Check every line of the material for the word "Defpoints". Copy those that have it.

---- DATA EXTRACT

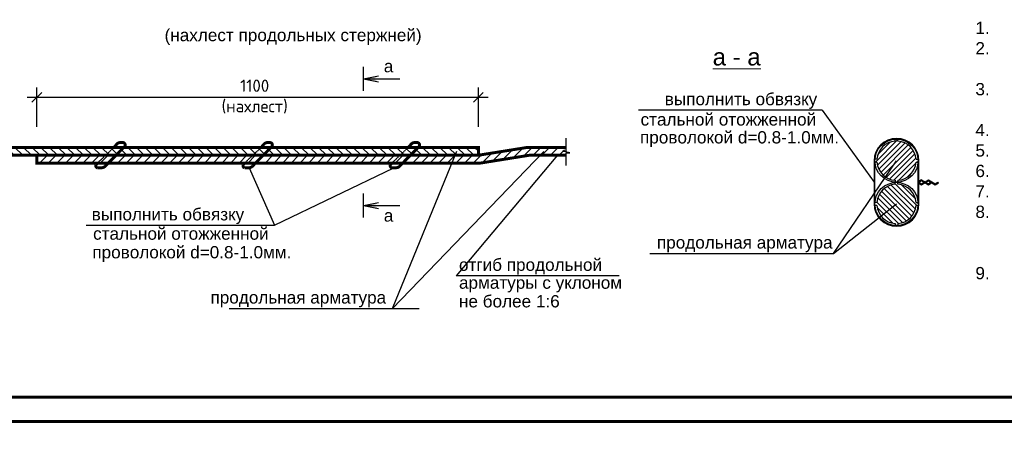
# Model space of a CAD drawing. Header units: millimetres. Extents: x 2063114 to 14983986, y -126020516 to 213791.
# Tile 548 of 656: x 2323335 to 2343402, y -383951 to -375498. Entities that reach past the tile are written whole.
import ezdxf
from ezdxf.enums import TextEntityAlignment as Align

# ---------------------------------------------------------------- set-up
doc = ezdxf.new("R2010")
doc.units = ezdxf.units.MM
doc.linetypes.add('HIDDEN', pattern=[0.375, 0.25, -0.125])
doc.layers.get('Defpoints').update_dxf_attribs({"color": 6, "lineweight": 35})
for name, color, linetype, lineweight in [('007-Extension', 32, 'Continuous', 15), ('RRRштриховка', 254, 'Continuous', 0), ('РАЗМЕР АР', 150, 'Continuous', 20)]:
    doc.layers.add(name, color=color, linetype=linetype, lineweight=lineweight)
doc.layers.add('_print', color=6, linetype='Continuous', lineweight=60, plot=False)
doc.layers.add('PDF _Текст', color=7, linetype='Continuous')
doc.styles.get("Standard").update_dxf_attribs({"font": 'arial.ttf'})
doc.dimstyles.new('STANDARD$0', dxfattribs={"dimtxt": 250, "dimasz": 200, "dimexe": 200, "dimexo": 300, "dimgap": 100, "dimtad": 1, "dimdec": 0, "dimzin": 1, "dimdsep": 46, "dimtxsty": 'Standard', "dimblk1": 'OBLIQUE', "dimblk2": 'OBLIQUE', "dimsah": 1, "dimcen": 2.5, "dimdle": 200, "dimadec": 0, "dimazin": 0, "dimtfac": 1, "dimtdec": 0, "dimtmove": 0, "dimatfit": 3, "dimldrblk": 'OBLIQUE', "dimfxl": 600, "dimfxlon": 1, "dimtolj": 1, "dimtzin": 1, "dimarcsym": 0})

# ---------------------------------------------------------------- blocks, each defined once
blk = doc.blocks.new('*U1594')
at = {"color": 0, "ltscale": 25}
blk.add_lwpolyline([(-59400, 42000), (0, 42000), (0, 0), (-59400, 0)], close=True, dxfattribs=at)
at = {"color": 0, "lineweight": 60, "ltscale": 25}
blk.add_lwpolyline([(-57400, 41500), (-500, 41500), (-500, 500), (-57400, 500)], close=True, dxfattribs=at)
blk = doc.blocks.new('_Oblique')
at = {"color": 0, "linetype": 'ByBlock', "lineweight": -2}
blk.add_line((-0.5, -0.5), (0.5, 0.5), dxfattribs=at)
blk = doc.blocks.new('*D2022')
at = {"layer": 'Defpoints', "color": 0, "lineweight": 30, "transparency": 16777216}
for p in [(2323684, -377082), (2323684, -378101), (2332684, -378101)]:
    blk.add_point(p, dxfattribs=at)
at = {"layer": 'РАЗМЕР АР', "color": 0, "lineweight": -2, "transparency": 16777216}
for p, q in [((2323684, -377682), (2323684, -376882)), ((2332684, -377682), (2332684, -376882)), ((2332884, -377082), (2323484, -377082))]:
    blk.add_line(p, q, dxfattribs=at)
at = {"layer": 'РАЗМЕР АР', "color": 0, "lineweight": -2, "transparency": 16777216, "xscale": 200, "yscale": 200, "zscale": 200, "rotation": 180}
blk.add_blockref('_Oblique', (2323684, -377082), dxfattribs=at)
at = {"layer": 'РАЗМЕР АР', "color": 0, "lineweight": -2, "transparency": 16777216, "xscale": 200, "yscale": 200, "zscale": 200}
blk.add_blockref('_Oblique', (2332684, -377082), dxfattribs=at)
at = {"layer": 'РАЗМЕР АР', "color": 0, "transparency": 16777216, "insert": (2328124, -377065), "char_height": 250, "attachment_point": 5}
blk.add_mtext('\\A1;{\\fISOCPEUR|b0|i0|c204|p34;1100\\P(нахлест)}', dxfattribs=at)
blk = doc.blocks.new('*U1593')
at = {"color": 0, "ltscale": 25}
blk.add_lwpolyline([(-59400, 42000), (0, 42000), (0, 0), (-59400, 0)], close=True, dxfattribs=at)

msp = doc.modelspace()

# ---------------------------------------------------------------- hatches: boundary and pattern name
h = msp.add_hatch(color=0)
h.paths.add_polyline_path([(2330648.66688, -376642.39185), (2330339.29188, -376704.26685), (2330555.85438, -376704.26685)])
h.paths.add_polyline_path([(2330555.85438, -376704.26685), (2330339.29188, -376704.26685), (2330648.66688, -376766.14185)])
h = msp.add_hatch(color=0)
h.paths.add_polyline_path([(2330648.66688, -379348.26892), (2330339.29188, -379286.39392), (2330555.85438, -379286.39392)])
h.paths.add_polyline_path([(2330555.85438, -379286.39392), (2330339.29188, -379286.39392), (2330648.66688, -379224.51892)])
at = {"layer": 'RRRштриховка', "ltscale": 1.5}
h = msp.add_hatch(dxfattribs=at)
h.set_pattern_fill('ANSI31', color=0, scale=600, style=0)
h.set_pattern_definition([(45, (2245083.196, -1105610.77), (-53.0330086, 53.0330086), [])])
h.paths.add_polyline_path([(2341235.0428, -378812.32805), (2341235.0428, -378772.22538, 0.370891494), (2341603.91622, -378403.35197), (2341644.01889, -378403.35197, 0.0341306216), (2341644.01889, -378343.35197), (2341603.91622, -378343.35197, 0.370891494), (2341235.0428, -377974.47856), (2341235.0428, -377934.37589, 0.0170603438), (2341205.0428, -377933.35197, 0.0170603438), (2341175.0428, -377934.37589), (2341175.0428, -377974.47856, 0.370891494), (2340806.16939, -378343.35197), (2340766.06672, -378343.35197, 0.0341306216), (2340766.06672, -378403.35197), (2340806.16939, -378403.35197, 0.370891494), (2341175.0428, -378772.22538), (2341175.0428, -378812.32805, 0.0170603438), (2341205.0428, -378813.35197, 0.0170603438)])
h = msp.add_hatch(dxfattribs=at)
h.set_pattern_fill('ANSI31', color=0, scale=1000, angle=180, style=0)
h.set_pattern_definition([(135, (2025337.86, -447543.53), (88.38835, 88.38835), [])])
h.paths.add_polyline_path([(2332244.96518, -378181.30175), (2331877.65845, -378181.30175), (2331956.63793, -378101.30175), (2332212.14993, -378101.30175)])
h.paths.add_polyline_path([(2332684.14835, -378261.30175), (2331798.67897, -378261.30175), (2331877.65845, -378181.30175), (2332684.14835, -378181.30175)])
h.paths.add_polyline_path([(2332684.14835, -378181.30175), (2332244.96518, -378181.30175), (2332212.14993, -378101.30175), (2332684.14835, -378101.30175)])
h.paths.add_polyline_path([(2331672.24562, -378181.30175), (2328877.65845, -378181.30175), (2328956.63793, -378101.30175), (2331756.97226, -378101.30175)])
h.paths.add_polyline_path([(2331587.51897, -378261.30175), (2328798.67897, -378261.30175), (2328877.65845, -378181.30175), (2331672.24562, -378181.30175)])
h.paths.add_polyline_path([(2331798.67897, -378261.30175), (2331587.51897, -378261.30175), (2331672.24562, -378181.30175), (2331877.65845, -378181.30175)])
h.paths.add_polyline_path([(2331877.65845, -378181.30175), (2331672.24562, -378181.30175), (2331756.97226, -378101.30175), (2331956.63793, -378101.30175)])
h.paths.add_polyline_path([(2328798.67897, -378261.30175), (2328587.51897, -378261.30175), (2328672.24562, -378181.30175), (2328877.65845, -378181.30175)])
h.paths.add_polyline_path([(2328877.65845, -378181.30175), (2328672.24562, -378181.30175), (2328756.97226, -378101.30175), (2328956.63793, -378101.30175)])
h.paths.add_polyline_path([(2325587.51897, -378261.30175), (2323684.14835, -378261.30175), (2322916.11978, -378261.30175), (2322916.11978, -378200.5901), (2322991.11978, -378200.5901), (2322908.45541, -378181.30175), (2325672.24562, -378181.30175)])
h.paths.add_polyline_path([(2325672.24562, -378181.30175), (2322908.45541, -378181.30175), (2322841.11978, -378165.5901), (2322916.11978, -378165.5901), (2322916.11978, -378101.30175), (2325756.97226, -378101.30175)])
h.paths.add_polyline_path([(2328587.51897, -378261.30175), (2325798.67897, -378261.30175), (2325877.65845, -378181.30175), (2328672.24562, -378181.30175)])
h.paths.add_polyline_path([(2328672.24562, -378181.30175), (2325877.65845, -378181.30175), (2325956.63793, -378101.30175), (2328756.97226, -378101.30175)])
h.paths.add_polyline_path([(2325798.67897, -378261.30175), (2325587.51897, -378261.30175), (2325672.24562, -378181.30175), (2325877.65845, -378181.30175)])
h.paths.add_polyline_path([(2325877.65845, -378181.30175), (2325672.24562, -378181.30175), (2325756.97226, -378101.30175), (2325956.63793, -378101.30175)])
h = msp.add_hatch(dxfattribs=at)
h.set_pattern_fill('ANSI31', color=0, scale=1000, angle=90, style=0)
h.set_pattern_definition([(225, (2025337.86, -447543.53), (-88.38835, 88.38835), [])])
h.paths.add_polyline_path([(2328418.06569, -378421.30175), (2325640.72001, -378421.30175), (2325798.67897, -378261.30175), (2328587.51897, -378261.30175)])
h.paths.add_polyline_path([(2331418.06569, -378421.30175), (2328640.72001, -378421.30175), (2328798.67897, -378261.30175), (2331587.51897, -378261.30175)])
h.paths.add_polyline_path([(2325418.06569, -378421.30175), (2323684.14835, -378421.30175), (2323684.14835, -378261.30175), (2325587.51897, -378261.30175)])
h.paths.add_polyline_path([(2325640.72001, -378421.30175), (2325418.06569, -378421.30175), (2325587.51897, -378261.30175), (2325798.67897, -378261.30175)])
h.paths.add_polyline_path([(2328640.72001, -378421.30175), (2328418.06569, -378421.30175), (2328587.51897, -378261.30175), (2328798.67897, -378261.30175)])
h.paths.add_polyline_path([(2331640.72001, -378421.30175), (2331418.06569, -378421.30175), (2331587.51897, -378261.30175), (2331798.67897, -378261.30175)])
h.paths.add_polyline_path([(2334020.62178, -378181.30175), (2333184.14835, -378181.30175), (2333684.14835, -378101.30175), (2333943.46414, -378101.30175)])
h.paths.add_polyline_path([(2334505.72805, -378181.30175), (2334020.62178, -378181.30175), (2333943.46414, -378101.30175), (2334469.30475, -378101.30175), (2334469.30475, -378125.5901), (2334394.30475, -378125.5901)])
h.paths.add_polyline_path([(2334469.30475, -378261.30175), (2333724.14835, -378261.30175), (2332724.14835, -378421.30175), (2331640.72001, -378421.30175), (2331798.67897, -378261.30175), (2332684.14835, -378261.30175), (2333184.14835, -378181.30175), (2334505.72805, -378181.30175), (2334544.30475, -378200.5901), (2334469.30475, -378200.5901)])
h = msp.add_hatch(dxfattribs=at)
h.set_pattern_fill('ANSI31', color=0, scale=600, angle=-90, style=0)
h.set_pattern_definition([(315, (2100900.425, -2220006.766), (53.0330086, 53.0330086), [])])
h.paths.add_polyline_path([(2341235.0428, -379692.32805), (2341235.0428, -379652.22538, 0.370891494), (2341603.91622, -379283.35197), (2341644.01889, -379283.35197, 0.0341306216), (2341644.01889, -379223.35197), (2341603.91622, -379223.35197, 0.370891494), (2341235.0428, -378854.47856), (2341235.0428, -378814.37589, 0.0170603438), (2341205.0428, -378813.35197, 0.0170603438), (2341175.0428, -378814.37589), (2341175.0428, -378854.47856, 0.370891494), (2340806.16939, -379223.35197), (2340766.06672, -379223.35197, 0.0341306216), (2340766.06672, -379283.35197), (2340806.16939, -379283.35197, 0.370891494), (2341175.0428, -379652.22538), (2341175.0428, -379692.32805, 0.0170603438), (2341205.0428, -379693.35197, 0.0170603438)])

# ---------------------------------------------------------------- linework, layer by layer
at = {"color": 0, "const_width": 30.9375}
for points in [[(2330339.29188, -376456.76685), (2330339.29188, -376951.76685)], [(2330339.29188, -379533.89392), (2330339.29188, -379038.89392)]]:
    msp.add_lwpolyline(points, dxfattribs=at)
at = {"color": 0}
for points in [[(2330339.29188, -376704.26685), (2330648.66688, -376642.39185)], [(2330339.29188, -376704.26685), (2331081.79188, -376704.26685)], [(2330339.29188, -376704.26685), (2330648.66688, -376766.14185)], [(2339689.79738, -377341.70399), (2335949.1536, -377341.70399)], [(2334469.30475, -378471.30175), (2334469.30475, -378210.5901), (2334544.30475, -378210.5901), (2334394.30475, -378175.5901), (2334469.30475, -378175.5901), (2334469.30475, -377911.30175)], [(2328009.23811, -378517.11093), (2328530.31572, -379690.0303), (2330961.40561, -378517.11093)], [(2330339.29188, -379286.39392), (2330648.66688, -379224.51892)], [(2339923.49356, -380263.37958), (2341205.0428, -379253.35197)], [(2330339.29188, -379286.39392), (2331081.79188, -379286.39392)], [(2330339.29188, -379286.39392), (2330648.66688, -379348.26892)], [(2324691.68523, -379690.0303), (2328530.31572, -379690.0303)], [(2336180.2211, -380263.37958), (2339923.49356, -380263.37958)], [(2335554.09485, -380718.37986), (2332233.28626, -380718.37986)], [(2327605.57231, -381384.83922), (2331476.97913, -381384.83922)]]:
    msp.add_lwpolyline(points, dxfattribs=at)
at = {"color": 0, "ltscale": 1.5}
for points in [[(2339689.79738, -377341.70399), (2340749.0428, -378813.35197)], [(2341175.0428, -377974.47856), (2341175.0428, -377934.37589)], [(2341235.0428, -377974.47856), (2341235.0428, -377934.37589)], [(2330930.90434, -381384.83922), (2332245.01433, -378181.18191)], [(2330930.90434, -381384.83922), (2334019.12802, -378182.85054)], [(2334298.31959, -378261.30175), (2332233.28626, -380718.37986)], [(2339923.49356, -380263.37958), (2341205.0428, -378373.35197)], [(2340765.0428, -379253.35197), (2340765.0428, -378373.35197)], [(2340806.16939, -378343.35197), (2340766.06672, -378343.35197)], [(2340806.16939, -378403.35197), (2340766.06672, -378403.35197)], [(2341603.91622, -378343.35197), (2341644.01889, -378343.35197)], [(2341603.91622, -378403.35197), (2341644.01889, -378403.35197)], [(2341645.0428, -379253.35197), (2341645.0428, -378373.35197)], [(2341175.0428, -378772.22538), (2341175.0428, -378812.32805)], [(2341175.0428, -378854.47856), (2341175.0428, -378814.37589)], [(2341235.0428, -378772.22538), (2341235.0428, -378812.32805)], [(2341235.0428, -378854.47856), (2341235.0428, -378814.37589)], [(2341716.44983, -378760.42479), (2341645.0428, -378803.269)], [(2341645.0428, -378803.269), (2341716.44983, -378760.42479), (2341853.93054, -378842.91322), (2341904.90582, -378812.32805)], [(2341661.0428, -378812.32805), (2341716.44983, -378779.08384), (2341853.93054, -378861.57226), (2341920.45502, -378821.65757)], [(2341661.0428, -378812.32805), (2341716.44983, -378845.57226), (2341771.85685, -378812.32805)], [(2341661.0428, -378830.9871), (2341716.44983, -378864.23131), (2341787.40605, -378821.65757)], [(2341787.40605, -378802.99853), (2341853.93054, -378763.08384), (2341991.41125, -378845.57226), (2342046.81827, -378812.32805)], [(2341802.95526, -378812.32805), (2341853.93054, -378781.74288), (2341991.41125, -378864.23131), (2342062.36748, -378821.65757)], [(2342046.81827, -378812.32805), (2342062.36748, -378821.65757)], [(2340806.16939, -379223.35197), (2340766.06672, -379223.35197)], [(2341603.91622, -379223.35197), (2341644.01889, -379223.35197)], [(2340806.16939, -379283.35197), (2340766.06672, -379283.35197)], [(2341603.91622, -379283.35197), (2341644.01889, -379283.35197)], [(2341175.0428, -379652.22538), (2341175.0428, -379692.32805)], [(2341235.0428, -379652.22538), (2341235.0428, -379692.32805)]]:
    msp.add_lwpolyline(points, dxfattribs=at)
at = {"color": 0, "ltscale": 1.5, "const_width": 60}
for points in [[(2324918.06569, -378421.30175), (2324887.577, -378460.95054, 0.406548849), (2324916.75409, -378518.25934), (2325006.05712, -378515.96253, 0.2244986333), (2325083.34395, -378479.41919), (2325473.53979, -378084.18149, 0.6333215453), (2325434.89638, -378002.45317), (2325387.06388, -378002.45317, 0.2204430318), (2325310.76713, -378037.80949), (2325256.97226, -378101.30175)], [(2327918.06569, -378421.30175), (2327887.577, -378460.95054, 0.406548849), (2327916.75409, -378518.25934), (2328006.05712, -378515.96253, 0.2244986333), (2328083.34395, -378479.41919), (2328473.53979, -378084.18149, 0.6333215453), (2328434.89638, -378002.45317), (2328387.06388, -378002.45317, 0.2204430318), (2328310.76713, -378037.80949), (2328256.97226, -378101.30175)], [(2330918.06569, -378421.30175), (2330887.577, -378460.95054, 0.406548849), (2330916.75409, -378518.25934), (2331006.05712, -378515.96253, 0.2244986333), (2331083.34395, -378479.41919), (2331473.53979, -378084.18149, 0.6333215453), (2331434.89638, -378002.45317), (2331387.06388, -378002.45317, 0.2204430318), (2331310.76713, -378037.80949), (2331256.97226, -378101.30175)]]:
    msp.add_lwpolyline(points, format="xyb", dxfattribs=at)
at = {"color": 0, "ltscale": 1.5}
msp.add_lwpolyline([(2341661.0428, -378793.669), (2341661.0428, -378373.35197, 1), (2340749.0428, -378373.35197), (2340749.0428, -379253.35197, 1), (2341661.0428, -379253.35197), (2341661.0428, -378812.32805)], format="xyb", dxfattribs=at)
at = {"color": 0, "ltscale": 1.5, "const_width": 60}
for points in [[(2322916.11978, -378101.30175), (2332684.14835, -378101.30175), (2332684.14835, -378261.30175), (2332684.14835, -378261.30175), (2322916.11978, -378261.30175)], [(2334469.30475, -378261.30175), (2333724.14835, -378261.30175), (2332724.14835, -378421.30175), (2323684.14835, -378421.30175), (2323684.14835, -378261.30175), (2332684.14835, -378261.30175), (2333684.14835, -378101.30175), (2334469.30475, -378101.30175)]]:
    msp.add_lwpolyline(points, dxfattribs=at)
at = {"color": 0, "linetype": 'HIDDEN', "ltscale": 0.2}
for points in [[(2324918.06569, -378421.30175), (2325256.97226, -378101.30175)], [(2327918.06569, -378421.30175), (2328256.97226, -378101.30175)], [(2330918.06569, -378421.30175), (2331256.97226, -378101.30175)]]:
    msp.add_lwpolyline(points, dxfattribs=at)
at = {"color": 0, "ltscale": 1.5}
for centre in [(2341205.0428, -378373.35197), (2341205.0428, -379253.35197)]:
    msp.add_circle(centre, 440, dxfattribs=at)
for centre, start, end in [((2341205.0428, -378373.35197), 94.301222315, 175.698777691), ((2341205.0428, -378373.35197), 4.301222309, 85.698777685), ((2341205.0428, -378373.35197), 184.301222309, 265.698777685), ((2341205.0428, -378373.35197), 274.301222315, 355.698777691), ((2341205.0428, -379253.35197), 94.301222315, 175.698777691), ((2341205.0428, -379253.35197), 4.301222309, 85.698777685), ((2341205.0428, -379253.35197), 184.301222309, 265.698777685), ((2341205.0428, -379253.35197), 274.301222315, 355.698777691)]:
    msp.add_arc(centre, 400, start, end, dxfattribs=at)
at = {"layer": '_print', "ltscale": 100}
for points in [[(2379792.08613, -383691.31434), (2320392.08613, -383691.31434), (2320392.08613, -341691.31434), (2379792.08613, -341691.31434)], [(2379792.08613, -425691.31434), (2320392.08613, -425691.31434), (2320392.08613, -383691.31434), (2379792.08613, -383691.31434)]]:
    msp.add_lwpolyline(points, close=True, dxfattribs=at)

# ---------------------------------------------------------------- block references
for name, p in [('*U1594', (2379792.08613, -383691.31434)), ('*U1593', (2379792.08613, -425691.31434))]:
    msp.add_blockref(name, p)

# ---------------------------------------------------------------- texts
at = {"layer": '007-Extension', "color": 0}
for s, height, p in [('(нахлест продольных стержней)', 250, (2328907.04663, -375936.33722)), ('%%Ua - a', 350, (2337947.28828, -376431.16316)), ('a', 250, (2330852.86885, -376570.69563)), ('a', 250, (2330852.86885, -379614.37101)), ('продольная арматура ', 250, (2338160.47464, -380163.37958)), ('продольная арматура ', 250, (2329061.74691, -381284.83922))]:
    msp.add_text(s, height=height, dxfattribs=at).set_placement(p, align=Align.CENTER)
for s, p in [('выполнить обвязку', (2336481.53948, -377241.70399)), ('стальной отожженной ', (2335988.94265, -377656.31577)), ('проволокой d=0.8-1.0мм.  ', (2335976.8113, -378020.92755)), ('выполнить обвязку', (2324803.3332, -379590.0303)), ('стальной отожженной ', (2324830.83977, -379983.60546)), ('проволокой d=0.8-1.0мм.  ', (2324815.53208, -380363.27828)), ('отгиб продольной ', (2332287.77322, -380618.37986)), ('арматуры с уклоном ', (2332287.77322, -380983.2572)), ('не более 1:6', (2332287.77322, -381363.14775))]:
    msp.add_text(s, height=250, dxfattribs=at).set_placement(p)
at = {"layer": 'PDF _Текст', "ltscale": 100, "insert": (2342813.28527, -375538.90903), "char_height": 250, "width": 17761.3594528, "attachment_point": 1}
msp.add_mtext('\\pi-750,l750,t750;1.^I Данный лист см . совместно с л . л . КЖ -\\P2.^I Монолитные конструкции выполнить согласно КМК 2.03.01-96 " Бетонные и железобетонные конструкции ", КМК 3.03.01-98 " Несущие и ограждающие конструкции "\\P3.^I Арматурные стержни крепить между собой отожженной стальной проволокой диаметром 0.8-1.2 мм .  Длину нахлёста принять 40d(d-диаметр арматуры )\\P4.^I Снятие опалубки производить после достижения бетоном 70% проектной прочности \\P5.^I Размерные линии указаны до центра рабочей арматуры .\\P6.^I Сварку арматуры производить по РСтУз 865-98 электродами типа Э 42 А по ГОСТ 9467-85\\P7.^I Концы хомутов заводить в тело бетона на длину не менее 50 мм .\\P8.^I К бетонированию колонн приступить только после приемки арматурного каркаса колонна техническим надзором заказчика и автором проекта , что должно быть подтверждено актом на скрытые работы до бетонирования колонн .\\P9.^I При производстве бетонных работ в условиях сухого и жаркого климата при температуре воздуха выше 25° С и относительной влажности менее 50% должны применяться цементы , марочная прочность которых превышает проектную прочность бетона но менее , чем на 20 %. Уход за свежеуложенным бетоном следует осуществлять до достижения им не менее 70 % проектной прочности .  п .  6.8 КМК 2.01.03-96 " Строительство в сейсмических районах "', dxfattribs=at)

# ---------------------------------------------------------------- dimensions: what is measured, and where the dimension line sits
at = {"layer": 'РАЗМЕР АР'}
dim = msp.add_linear_dim(base=(2323684.14835, -377081.9996), p1=(2332684.14835, -378101.30175), p2=(2323684.14835, -378101.30175), angle=180, text='{\\fISOCPEUR|b0|i0|c204|p34;1100\\P(нахлест)}', dimstyle='STANDARD$0', override={"dimtmove": 1}, dxfattribs=at)
dim.commit()
dim.dimension.update_dxf_attribs({"geometry": '*D2022', "text_midpoint": (2328124.11112, -377522.89862), "dimtype": 160})

doc.saveas('drawing.dxf')

--------

*SOLUTION TO THIS PROBLEM*.
doc.layers.get('Defpoints').update_dxf_attribs({"color": 6, "lineweight": 35})
at = {"layer": 'Defpoints', "color": 0, "lineweight": 30, "transparency": 16777216}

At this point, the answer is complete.